From: "shiy(dot)fnst(at)fujitsu(dot)com" <shiy(dot)fnst(at)fujitsu(dot)com>
To: Jacob Champion <jchampion(at)timescale(dot)com>, Amit Kapila <amit(dot)kapila16(at)gmail(dot)com>
Cc: "wangw(dot)fnst(at)fujitsu(dot)com" <wangw(dot)fnst(at)fujitsu(dot)com>, Andres Freund <andres(at)anarazel(dot)de>, vignesh C <vignesh21(at)gmail(dot)com>, Peter Smith <smithpb2250(at)gmail(dot)com>, "Takamichi Osumi (Fujitsu)" <osumi(dot)takamichi(at)fujitsu(dot)com>, "houzj(dot)fnst(at)fujitsu(dot)com" <houzj(dot)fnst(at)fujitsu(dot)com>, Amit Langote <amitlangote09(at)gmail(dot)com>, Peter Eisentraut <peter(dot)eisentraut(at)enterprisedb(dot)com>, "pgsql-hackers(at)lists(dot)postgresql(dot)org" <pgsql-hackers(at)lists(dot)postgresql(dot)org>, Dilip Kumar <dilipbalaut(at)gmail(dot)com>, Greg Nancarrow <gregn4422(at)gmail(dot)com>
Subject: RE: Data is copied twice when specifying both child and parent table in publication
Date: 2023-03-31 10:04:10
Message-ID: OSZPR01MB6310829049C935E1F8D5344FFD8F9@OSZPR01MB6310.jpnprd01.prod.outlook.com
Views: Raw Message | Whole Thread | Download mbox | Resend email
Thread:
Lists: pgsql-hackers

On Fri, Mar 31, 2023 2:16 AM Jacob Champion <jchampion(at)timescale(dot)com> wrote:
>
> On Wed, Mar 29, 2023 at 2:00 AM Amit Kapila <amit(dot)kapila16(at)gmail(dot)com>
> wrote:
> > Pushed.
>
> While rebasing my logical-roots patch over the top of this, I ran into
> another situation where mixed viaroot settings can duplicate data.

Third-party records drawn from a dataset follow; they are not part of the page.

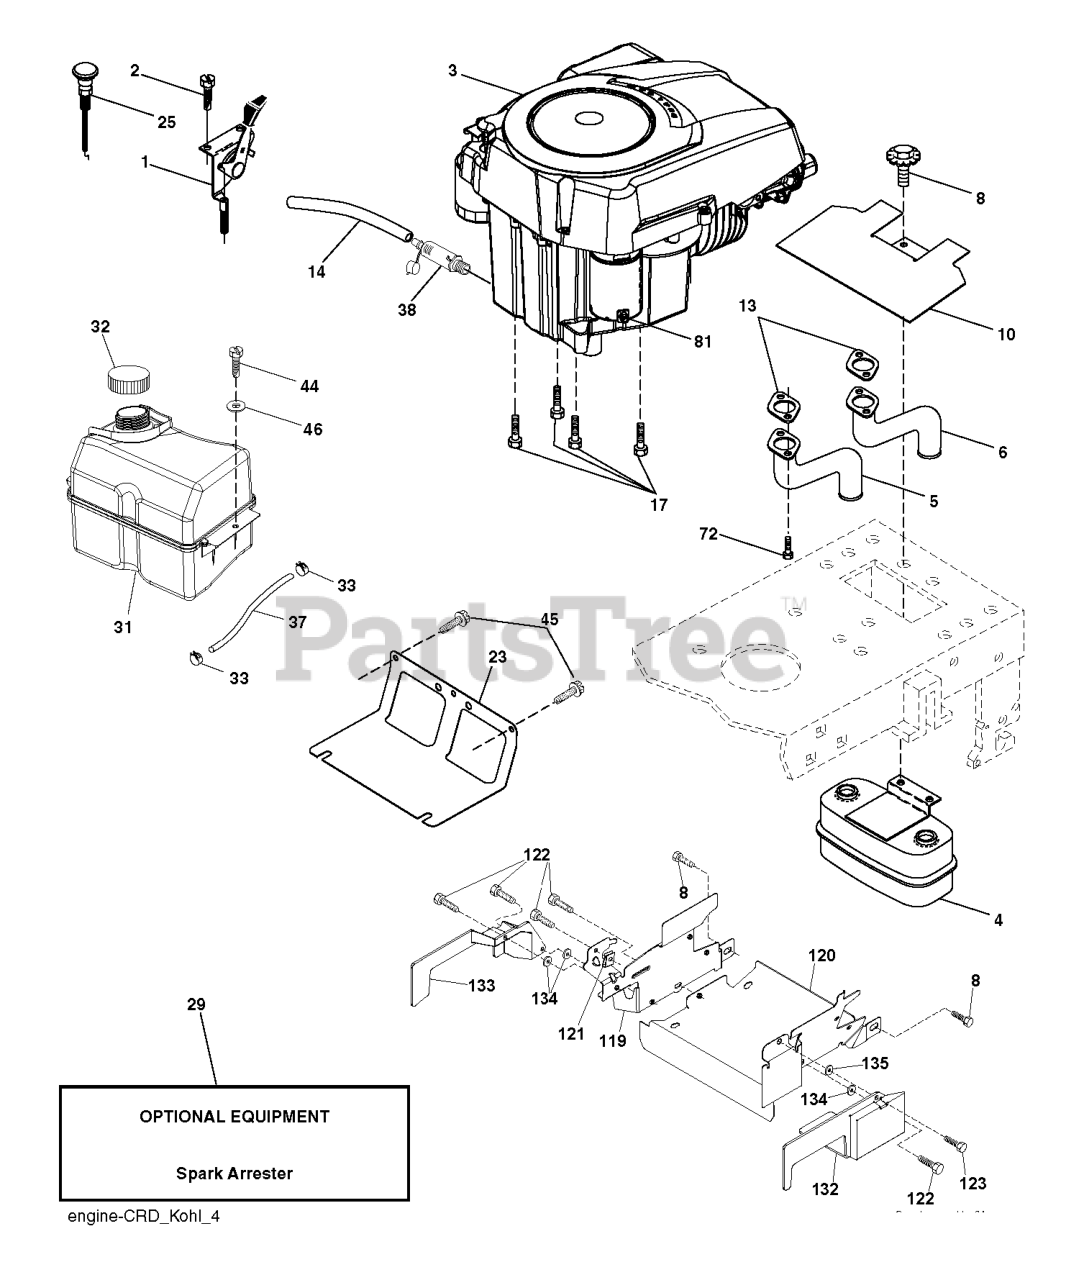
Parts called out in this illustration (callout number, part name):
1	THROTTLE CONTROL
2	SCREW.#10 X 0.750.BOS
4	MUFFLER.TWIN.CYL.LOW.TONE
5	RP.PIPE-EXHAUST LH
6	RP.PIPE-EXHAUST RH
8	BOLT.5/16-18UNCX3/4 W/SEMS.BLK
10	RP SHIELD HEAT MUFFLER
13	GASKET.EXHAUST.KOHL.CV18-CV26
14	TUBE, DRAIN OIL ASM.
17	SCREW 3/8-16X1
23	SHIELD.BROWNING.DBR.GUARD
25	CONTROL, CHOKE
29	KIT.SPARK ARRESTOR 794945 B&S
31	TANK.ASM.FUEL.FR.2.5GA.
32	FUEL CAP
33	HOSE CLAMP
37	LINE.FUEL.20
38	PLUG DRAIN OIL EASY
44	SCREW HEXWSHR 1/4-20X3/4
45	SCREW, 3/8-16X3/4
72	SCREW.SOCKET HD.5/16-1
81	NUT
119	LENKRAD
120	GUARD 532199767
122	SCREW.1/4-20X5/8
123	SCREW, 5/16-18 X 1/2
132	SHIELD RIGHT
133	SHIELD LEFT
134	PALNUT 1/4
135	WASHER 5/16"
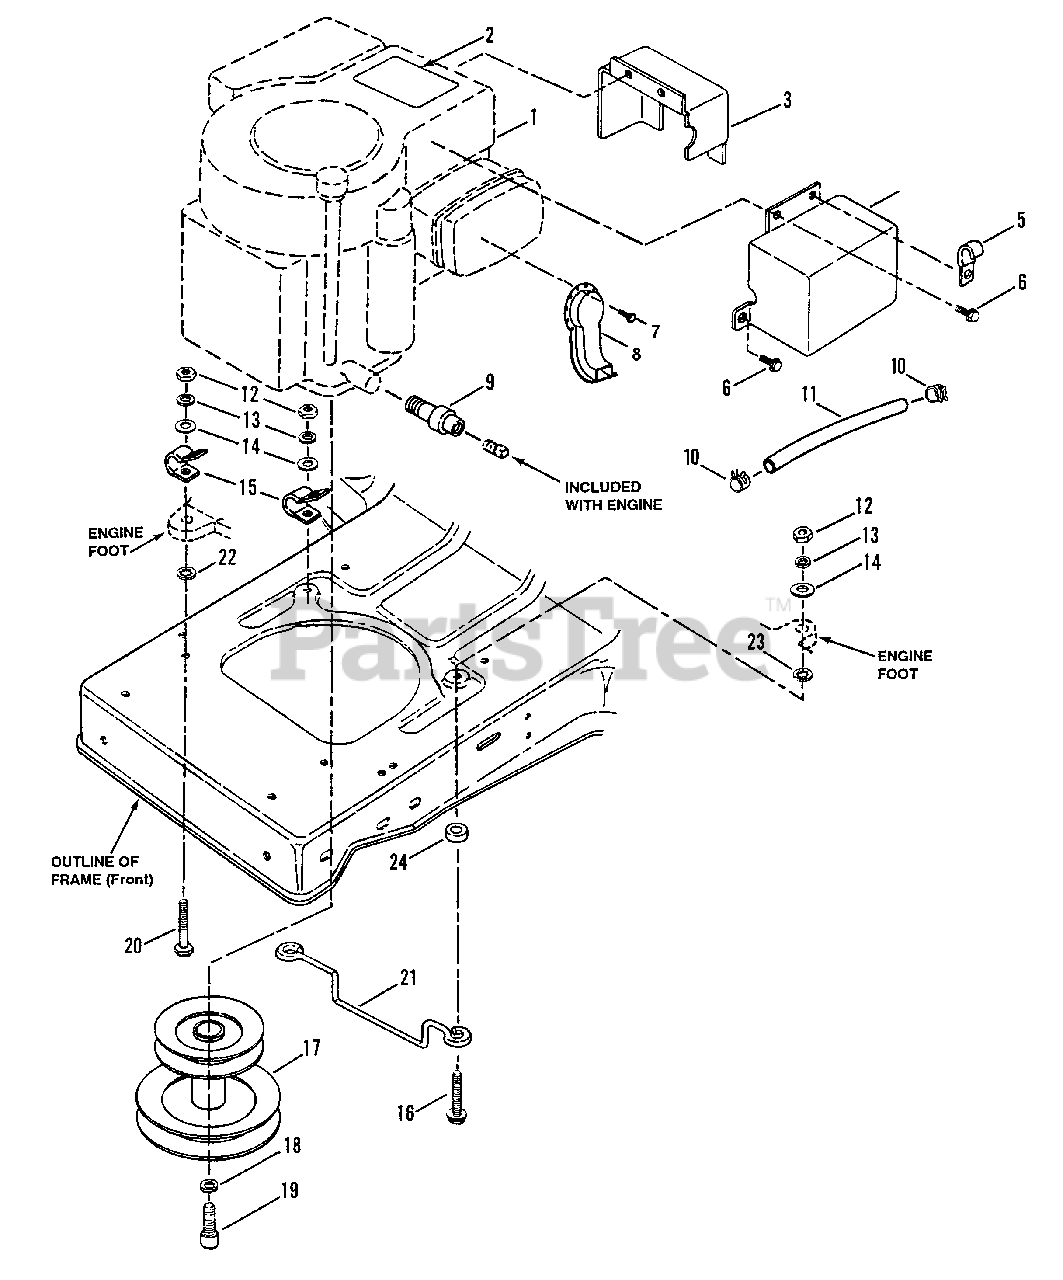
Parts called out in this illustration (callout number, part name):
2	DECAL, 14HP Brigg's & Stratton
3	HEAT SHIELD, Valve Cover
4	HEAT SHIELD, Muffler
5	CLIP, "J" Type
6	BOLT, 1/4-20 x 1/2' Hex Flange Lock
7	SCREW, #8-18 x 1/2' Hex Hd., Self-Tap.
8	EXTENSION, Muffler
9	EXTENSION, Oil Drain (Short)
10	CLAMP, Fuel Line
11	LINE, Fuel
12	NUT, 5/16-18 Hex
13	WASHER, 5/16 Split Lock
14	WASHER, 5/16 Flat
15	CLIP, Harness
16	SCREW, 5/16-18 x 2' Hex Hd. Cap
17	PULLEY ASSEMBLY
18	WASHER, 7/16 Split Lock
19	SCREW, 7/16-20 x 1" Hex Cap, Skt. Hd.
20	SCREW, 5/16-18 x 1 3/4" Hex Hd. Cap
21	GUIDE, Belt
22	WASHER, 5/16 Internal Tooth Lock
23	RETAINER, 5/16 Bolt
24	SPACER, .625 O.D., .342 I.D. x.370
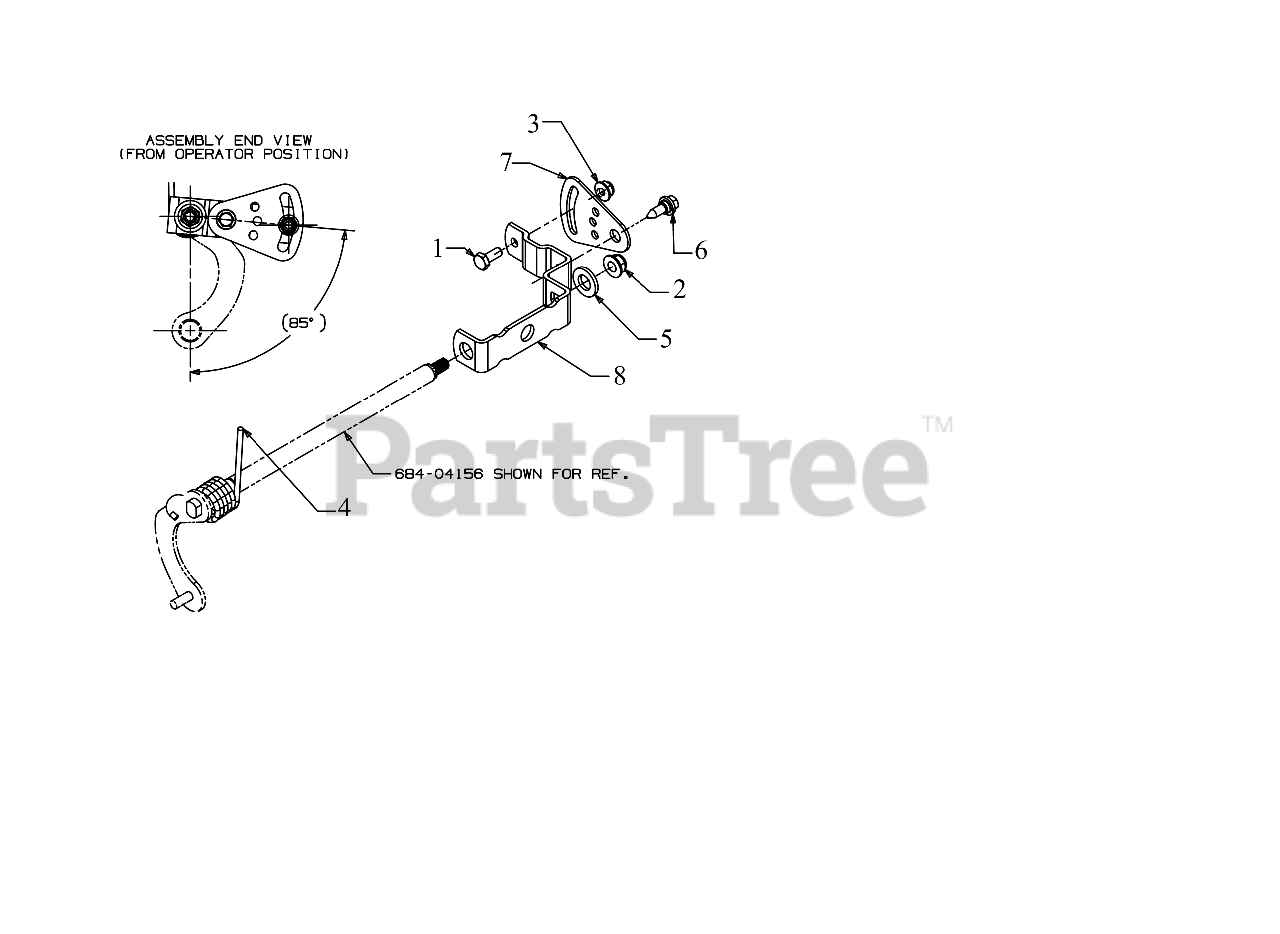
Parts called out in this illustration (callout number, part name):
1	SCREW 1/4-20 x .620 GR5
2	FLANGE LOCK NUT 5/16-18
3	FLANGE LOCK NUT
4	TORSION SPRING
5	FLAT WASHER
6	SHOULDER SCREW
7	PIVOT BRACKET
8	SHIFT SPEED BRACKET

The
> key idea is to subscribe to two publications with mixed settings, as
> before, and add a partition root that's already been replicated with
> viaroot=false to the other publication with viaroot=true.
>
> pub=# CREATE TABLE part (a int) PARTITION BY RANGE (a);
> pub=# CREATE PUBLICATION pub_all FOR ALL TABLES;
> pub=# CREATE PUBLICATION pub_other FOR TABLE other WITH
> (publish_via_partition_root);
> -- populate with data, then switch to subscription side
> sub=# CREATE SUBSCRIPTION sub CONNECTION ... PUBLICATION pub_all,
> pub_other;
> -- switch back to publication
> pub=# ALTER PUBLICATION pub_other ADD TABLE part;
> -- and back to subscription
> sub=# ALTER SUBSCRIPTION sub REFRESH PUBLICATION;
> -- data is now duplicated
>
> (Standalone reproduction attached.)
>
> This is similar to what happens if you alter the
> publish_via_partition_root setting for an existing publication, but
> I'd argue it's easier to hit by accident. Is this part of the same
> class of bugs, or is it different (or even expected) behavior?
>

I noticed that a similar problem has been discussed in this thread, see [1] [2]
[3] [4]. It seems complicated to fix it if we want to automatically skip tables
that have been synchronized previously by code, and this may overkill in some
cases (e.g. The target table in subscriber is not a partitioned table, and the
user want to synchronize all data in the partitioned table from the publisher).
Besides, it seems not a common case. So I'm not sure we should fix it. Maybe we
can just add some documentation for it as Peter mentioned.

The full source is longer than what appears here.